Segment Start: PROVIDED DATA

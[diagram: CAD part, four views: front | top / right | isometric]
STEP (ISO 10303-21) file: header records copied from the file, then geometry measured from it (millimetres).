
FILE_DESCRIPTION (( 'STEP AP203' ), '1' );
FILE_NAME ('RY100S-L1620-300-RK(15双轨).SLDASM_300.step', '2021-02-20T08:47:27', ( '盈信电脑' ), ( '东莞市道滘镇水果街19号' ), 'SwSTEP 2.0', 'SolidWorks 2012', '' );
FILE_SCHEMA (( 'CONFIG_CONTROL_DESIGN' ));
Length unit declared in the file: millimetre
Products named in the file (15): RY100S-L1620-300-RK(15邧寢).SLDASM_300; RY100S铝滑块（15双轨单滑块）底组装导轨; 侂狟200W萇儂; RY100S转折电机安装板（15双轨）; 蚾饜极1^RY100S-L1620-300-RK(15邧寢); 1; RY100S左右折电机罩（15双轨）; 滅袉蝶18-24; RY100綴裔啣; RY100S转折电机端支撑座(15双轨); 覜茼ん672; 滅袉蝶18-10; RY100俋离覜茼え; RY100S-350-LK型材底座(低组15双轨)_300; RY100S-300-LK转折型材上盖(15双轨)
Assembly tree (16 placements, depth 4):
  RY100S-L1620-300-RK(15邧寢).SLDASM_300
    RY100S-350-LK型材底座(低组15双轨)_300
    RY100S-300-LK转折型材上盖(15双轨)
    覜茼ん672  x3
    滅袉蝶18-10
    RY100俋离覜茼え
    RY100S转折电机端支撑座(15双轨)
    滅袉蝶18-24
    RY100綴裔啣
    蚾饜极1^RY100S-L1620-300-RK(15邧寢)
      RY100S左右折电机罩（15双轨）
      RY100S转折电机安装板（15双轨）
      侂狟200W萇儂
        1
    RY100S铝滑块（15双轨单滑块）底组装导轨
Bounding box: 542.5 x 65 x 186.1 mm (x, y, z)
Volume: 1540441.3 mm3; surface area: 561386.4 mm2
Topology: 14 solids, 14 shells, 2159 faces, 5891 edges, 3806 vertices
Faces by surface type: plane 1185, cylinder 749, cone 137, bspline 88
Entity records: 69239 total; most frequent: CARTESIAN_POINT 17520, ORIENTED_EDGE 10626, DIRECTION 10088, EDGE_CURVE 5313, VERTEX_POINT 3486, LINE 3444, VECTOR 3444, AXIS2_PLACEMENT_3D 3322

Segment End: PROVIDED DATA

BRIEF
Write every entry out again exactly.

EXERCISE SOLUTION
[diagram: CAD part, four views: front | top / right | isometric]
STEP (ISO 10303-21) file: header records copied from the file, then geometry measured from it (millimetres).
FILE_DESCRIPTION (( 'STEP AP203' ), '1' );
FILE_NAME ('RY100S-L1620-300-RK(15双轨).SLDASM_300.step', '2021-02-20T08:47:27', ( '盈信电脑' ), ( '东莞市道滘镇水果街19号' ), 'SwSTEP 2.0', 'SolidWorks 2012', '' );
FILE_SCHEMA (( 'CONFIG_CONTROL_DESIGN' ));
Length unit declared in the file: millimetre
Products named in the file (15): RY100S-L1620-300-RK(15邧寢).SLDASM_300; RY100S铝滑块（15双轨单滑块）底组装导轨; 侂狟200W萇儂; RY100S转折电机安装板（15双轨）; 蚾饜极1^RY100S-L1620-300-RK(15邧寢); 1; RY100S左右折电机罩（15双轨）; 滅袉蝶18-24; RY100綴裔啣; RY100S转折电机端支撑座(15双轨); 覜茼ん672; 滅袉蝶18-10; RY100俋离覜茼え; RY100S-350-LK型材底座(低组15双轨)_300; RY100S-300-LK转折型材上盖(15双轨)
Assembly tree (16 placements, depth 4):
  RY100S-L1620-300-RK(15邧寢).SLDASM_300
    RY100S-350-LK型材底座(低组15双轨)_300
    RY100S-300-LK转折型材上盖(15双轨)
    覜茼ん672  x3
    滅袉蝶18-10
    RY100俋离覜茼え
    RY100S转折电机端支撑座(15双轨)
    滅袉蝶18-24
    RY100綴裔啣
    蚾饜极1^RY100S-L1620-300-RK(15邧寢)
      RY100S左右折电机罩（15双轨）
      RY100S转折电机安装板（15双轨）
      侂狟200W萇儂
        1
    RY100S铝滑块（15双轨单滑块）底组装导轨
Bounding box: 542.5 x 65 x 186.1 mm (x, y, z)
Volume: 1540441.3 mm3; surface area: 561386.4 mm2
Topology: 14 solids, 14 shells, 2159 faces, 5891 edges, 3806 vertices
Faces by surface type: plane 1185, cylinder 749, cone 137, bspline 88
Entity records: 69239 total; most frequent: CARTESIAN_POINT 17520, ORIENTED_EDGE 10626, DIRECTION 10088, EDGE_CURVE 5313, VERTEX_POINT 3486, LINE 3444, VECTOR 3444, AXIS2_PLACEMENT_3D 3322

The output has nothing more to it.